Updated 2 years ago
Michael Alig just died of a heroin overdose.
I have zero room to talk. In 1993 I led a film crew from the syndicated TV tabloid, American Journal, into Club USA in Times Square after they gave me heroin in the penthouse of the Marriot Marquis, and they did a big expose on heroin and clubbing. I thought it would be fun to be gobsmacked wearing Gaultier sunglasses and parting the crowd like the Red Sea. But I only did it for the kicks and I thought it was cool, and stopped shortly thereafter because it was boring and stupid.

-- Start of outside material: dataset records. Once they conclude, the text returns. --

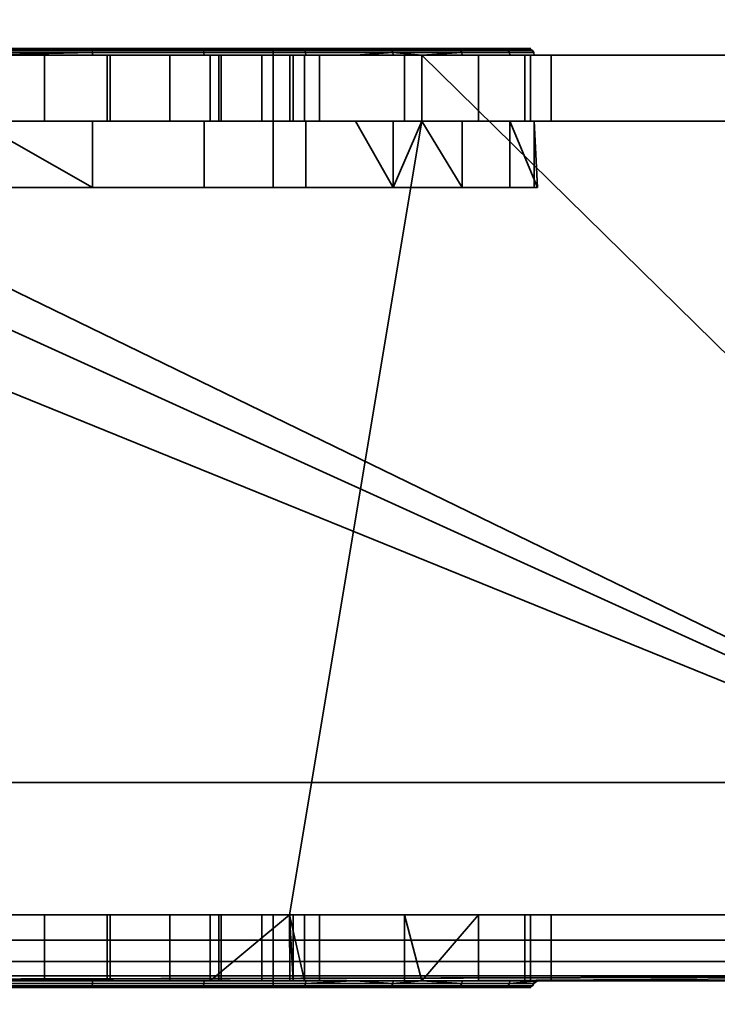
# Model space of a CAD drawing. Header units: millimetres. Extents: x -603 to 3703, y -120 to 193.
# Tile 693 of 938: x 2557 to 2567, y -38 to -23. Entities that reach past the tile are written whole.
import ezdxf

# ---------------------------------------------------------------- set-up
doc = ezdxf.new("R2010")
doc.units = ezdxf.units.MM
doc.layers.add('151', color=7, linetype='Continuous', true_color=0xffffff)

# ---------------------------------------------------------------- blocks, each defined once
blk = doc.blocks.new('UG_SURFACE_003')
at = {"layer": '151', "color": 252, "linetype": 'Continuous', "lineweight": 35}
for points in [[(3702.5, -35, 2213), (3702.5, 174.4, 2213), (2297.5, 174.4, 2213), (2297.5, -35, 2213)], [(2447.5, -35, 2063), (2447.5, 174.4, 2063), (3552.5, 174.4, 2063), (3552.5, -35, 2063)], [(3702.5, -35, 2213), (2297.5, -35, 2213), (2447.5, -35, 2063), (3552.5, -35, 2063)]]:
    blk.add_3dface(points, dxfattribs=at)
blk = doc.blocks.new('UG_SURFACE_162')
at = {"layer": '151', "color": 43, "linetype": 'Continuous', "lineweight": 35}
for points in [[(2491, -49, 2017), (3509, -49, 2017), (3509, 0, 2017), (2491, 0, 2017)], [(2491, -47), (2491, -2), (3509, -2), (3509, -47)]]:
    blk.add_3dface(points, dxfattribs=at)
blk = doc.blocks.new('UG_SURFACE_163')
at = {"layer": '151', "color": 252, "linetype": 'Continuous', "lineweight": 35}
for points in [[(2557.746, -23.9, 1095.784), (2554.254, -23.9, 1095.784), (2551.063, -23.9, 1097.204), (2551.5, -23.9, 1099.5)], [(2551.5, -23.9, 1099.5), (2560.5, -23.9, 1099.5), (2560.937, -23.9, 1097.204), (2557.746, -23.9, 1095.784)], [(2560.5, -23.9, 1108.5), (2551.5, -23.9, 1108.5), (2556, -23.9, 1112.4), (2559.417, -23.9, 1111.674)], [(2551.5, -26, 1099.5), (2560.5, -26, 1099.5), (2560.5, -23.9, 1099.5), (2551.5, -23.9, 1099.5)], [(2560.5, -26, 1108.5), (2551.5, -26, 1108.5), (2551.5, -23.9, 1108.5), (2560.5, -23.9, 1108.5)], [(2557.766, -23.962, 1095.693), (2554.234, -23.962, 1095.693), (2554.239, -23.929, 1095.714), (2557.761, -23.929, 1095.714)], [(2556, -24, 1095.5), (2554.234, -23.962, 1095.693), (2557.766, -23.962, 1095.693)], [(2557.761, -23.929, 1095.714), (2554.239, -23.929, 1095.714), (2554.245, -23.908, 1095.746), (2557.755, -23.908, 1095.746)], [(2557.755, -23.908, 1095.746), (2554.245, -23.908, 1095.746), (2554.254, -23.9, 1095.784), (2557.746, -23.9, 1095.784)], [(2556, -23.908, 1112.438), (2559.432, -23.908, 1111.709), (2559.417, -23.9, 1111.674), (2556, -23.9, 1112.4)], [(2556, -23.929, 1112.471), (2559.445, -23.929, 1111.738), (2559.432, -23.908, 1111.709), (2556, -23.908, 1112.438)], [(2556, -23.962, 1112.492), (2559.454, -23.962, 1111.758), (2559.445, -23.929, 1111.738), (2556, -23.929, 1112.471)], [(2557.766, -23.962, 1095.693), (2557.767, -24, 1095.686), (2556, -24, 1095.5)], [(2556, -24, 1112.5), (2559.457, -24, 1111.765), (2559.454, -23.962, 1111.758), (2556, -23.962, 1112.492)], [(2560.96, -23.908, 1097.173), (2557.755, -23.908, 1095.746), (2557.746, -23.9, 1095.784), (2560.937, -23.9, 1097.204)], [(2560.979, -23.929, 1097.147), (2557.761, -23.929, 1095.714), (2557.755, -23.908, 1095.746), (2560.96, -23.908, 1097.173)], [(2560.992, -23.962, 1097.129), (2557.766, -23.962, 1095.693), (2557.761, -23.929, 1095.714), (2560.979, -23.929, 1097.147)], [(2560.996, -24, 1097.123), (2557.767, -24, 1095.686), (2557.766, -23.962, 1095.693), (2560.992, -23.962, 1097.129)], [(2559.432, -23.908, 1111.709), (2562.271, -23.908, 1109.646), (2562.243, -23.9, 1109.621), (2559.417, -23.9, 1111.674)], [(2559.417, -23.9, 1111.674), (2562.243, -23.9, 1109.621), (2560.5, -23.9, 1108.5)], [(2559.445, -23.929, 1111.738), (2562.295, -23.929, 1109.668), (2562.271, -23.908, 1109.646), (2559.432, -23.908, 1111.709)], [(2559.454, -23.962, 1111.758), (2562.311, -23.962, 1109.683), (2562.295, -23.929, 1109.668), (2559.445, -23.929, 1111.738)], [(2562.311, -23.962, 1109.683), (2559.454, -23.962, 1111.758), (2559.457, -24, 1111.765), (2561.749, -24, 1110.1)], [(2560.5, -23.9, 1099.5), (2560.5, -23.9, 1108.5), (2562.243, -23.9, 1109.621), (2563.989, -23.9, 1106.596)], [(2563.275, -23.9, 1099.8), (2560.937, -23.9, 1097.204), (2560.5, -23.9, 1099.5)], [(2563.989, -23.9, 1106.596), (2564.354, -23.9, 1103.122), (2563.275, -23.9, 1099.8), (2560.5, -23.9, 1099.5)], [(2560.5, -26, 1099.5), (2560.5, -26, 1108.5), (2560.5, -23.9, 1108.5), (2560.5, -23.9, 1099.5)], [(2563.308, -23.908, 1099.781), (2560.96, -23.908, 1097.173), (2560.937, -23.9, 1097.204), (2563.275, -23.9, 1099.8)], [(2563.336, -23.929, 1099.765), (2560.979, -23.929, 1097.147), (2560.96, -23.908, 1097.173), (2563.308, -23.908, 1099.781)], [(2563.355, -23.962, 1099.754), (2560.992, -23.962, 1097.129), (2560.979, -23.929, 1097.147), (2563.336, -23.929, 1099.765)], [(2562.75, -24, 1099.071), (2560.996, -24, 1097.123), (2560.992, -23.962, 1097.129), (2563.355, -23.962, 1099.754)], [(2561.749, -24, 1110.1), (2562.317, -24, 1109.688), (2562.311, -23.962, 1109.683)], [(2562.271, -23.908, 1109.646), (2564.025, -23.908, 1106.608), (2563.989, -23.9, 1106.596), (2562.243, -23.9, 1109.621)], [(2562.295, -23.929, 1109.668), (2564.056, -23.929, 1106.618), (2564.025, -23.908, 1106.608), (2562.271, -23.908, 1109.646)], [(2562.311, -23.962, 1109.683), (2564.077, -23.962, 1106.624), (2564.056, -23.929, 1106.618), (2562.295, -23.929, 1109.668)], [(2562.311, -23.962, 1109.683), (2562.317, -24, 1109.688), (2562.75, -24, 1108.937)], [(2562.75, -24, 1108.937), (2564.084, -24, 1106.627), (2564.077, -23.962, 1106.624), (2562.311, -23.962, 1109.683)], [(2563.355, -23.962, 1099.754), (2563.361, -24, 1099.75), (2562.75, -24, 1099.071)], [(2564.392, -23.908, 1103.118), (2563.308, -23.908, 1099.781), (2563.275, -23.9, 1099.8), (2564.354, -23.9, 1103.122)], [(2564.424, -23.929, 1103.115), (2563.336, -23.929, 1099.765), (2563.308, -23.908, 1099.781), (2564.392, -23.908, 1103.118)], [(2564.446, -23.962, 1103.112), (2563.355, -23.962, 1099.754), (2563.336, -23.929, 1099.765), (2564.424, -23.929, 1103.115)], [(2564.453, -24, 1103.112), (2563.361, -24, 1099.75), (2563.355, -23.962, 1099.754), (2564.446, -23.962, 1103.112)], [(2564.025, -23.908, 1106.608), (2564.392, -23.908, 1103.118), (2564.354, -23.9, 1103.122), (2563.989, -23.9, 1106.596)], [(2564.056, -23.929, 1106.618), (2564.424, -23.929, 1103.115), (2564.392, -23.908, 1103.118), (2564.025, -23.908, 1106.608)], [(2564.077, -23.962, 1106.624), (2564.446, -23.962, 1103.112), (2564.424, -23.929, 1103.115), (2564.056, -23.929, 1106.618)], [(2564.084, -24, 1106.627), (2564.453, -24, 1103.112), (2564.446, -23.962, 1103.112), (2564.077, -23.962, 1106.624)], [(2543.975, -24, 1167.5), (2494, -24, 1167.5), (2494, -37, 1167.5), (2576, -37, 1167.5)], [(2576, -37, 1002.5), (2494, -37, 1002.5), (2494, -24, 1002.5), (2543.975, -24, 1002.5)], [(2576, -37, 1167.5), (2547.375, -24, 1167.5), (2543.975, -24, 1167.5)], [(2576, -37, 1002.5), (2543.975, -24, 1002.5), (2547.375, -24, 1002.5)], [(2576, -37, 1167.5), (2549.25, -24, 1167.5), (2547.375, -24, 1167.5)], [(2576, -37, 1002.5), (2547.375, -24, 1002.5), (2549.25, -24, 1002.5)], [(2576, -37, 1167.5), (2562.75, -24, 1167.5), (2549.25, -24, 1167.5)], [(2576, -37, 1002.5), (2549.25, -24, 1002.5), (2562.75, -24, 1002.5)], [(2562.75, -24, 1128.75), (2549.25, -24, 1128.75), (2556, -24, 1145), (2558.034, -24, 1145.432)], [(2549.25, -24, 1167.5), (2562.75, -24, 1167.5), (2557.039, -24, 1154.891), (2554.96, -24, 1154.891)], [(2562.75, -24, 1058.875), (2549.25, -24, 1058.875), (2556, -24, 1077), (2558.034, -24, 1077.432)], [(2549.25, -24, 1091.25), (2562.75, -24, 1091.25), (2557.039, -24, 1086.891), (2554.96, -24, 1086.891)], [(2549.25, -24, 1128.75), (2562.75, -24, 1128.75), (2556, -24, 1112.5), (2552.543, -24, 1111.765)], [(2556, -24, 1095.5), (2557.767, -24, 1095.686), (2562.75, -24, 1091.25), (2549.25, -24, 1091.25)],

I was going to write an obit for Alig, but quickly realized all he ever did that was good was throw a lot of parties, thrown mostly at Gatien clubs. But this was not some unique contribution. The 90s were chock full of great parties. In the early 90s, the best were from people like Suzanne Bartsch and people within the Patricia Field milieu, Richie Rich and the like, and on the other end of the spectrum, the burgeoning rave scene with the Frankie Bones’ Storm Raves and Scotto’s NASA. And later on, Twilo and my favorite, psytrance.
After much thought, the true enemy was and is macroeconomic: the slow squeezing of the real estate bubble and gentrification on urban creative impulse. Everything else is window dressing. We in the 90s were in a sweet spot between old cheap scary and new expensive spotless. Alig’s era was more in the early scarier part of the sweet spot, when some schlub like me could afford to live 2 blocks from Limelight and squeak in.
In that environment, world-class nightlife would naturally grow like mushrooms. Add in the advent of the Internet, and all the money that brings in to creative types, and you have a predestined golden age that continued on into the 2000s with Burning Man and WIlliamsburg/Bushwick, until it all got slowly strangled by 2020.
It’s just fucking sad (and funny) that Rudy Giuliani turned out to be so much more campy kitschy cross-dressing pants-down wig melting dildo store trashy entertaining than Alig ever was. And he outlived him.
This ain’t John McCain’s funeral. I’m gonna put in as much effort in writing about his death as Alig did in trying to get his life back together after prison, so I’ll just end it with this:
You’re only as good as your last party.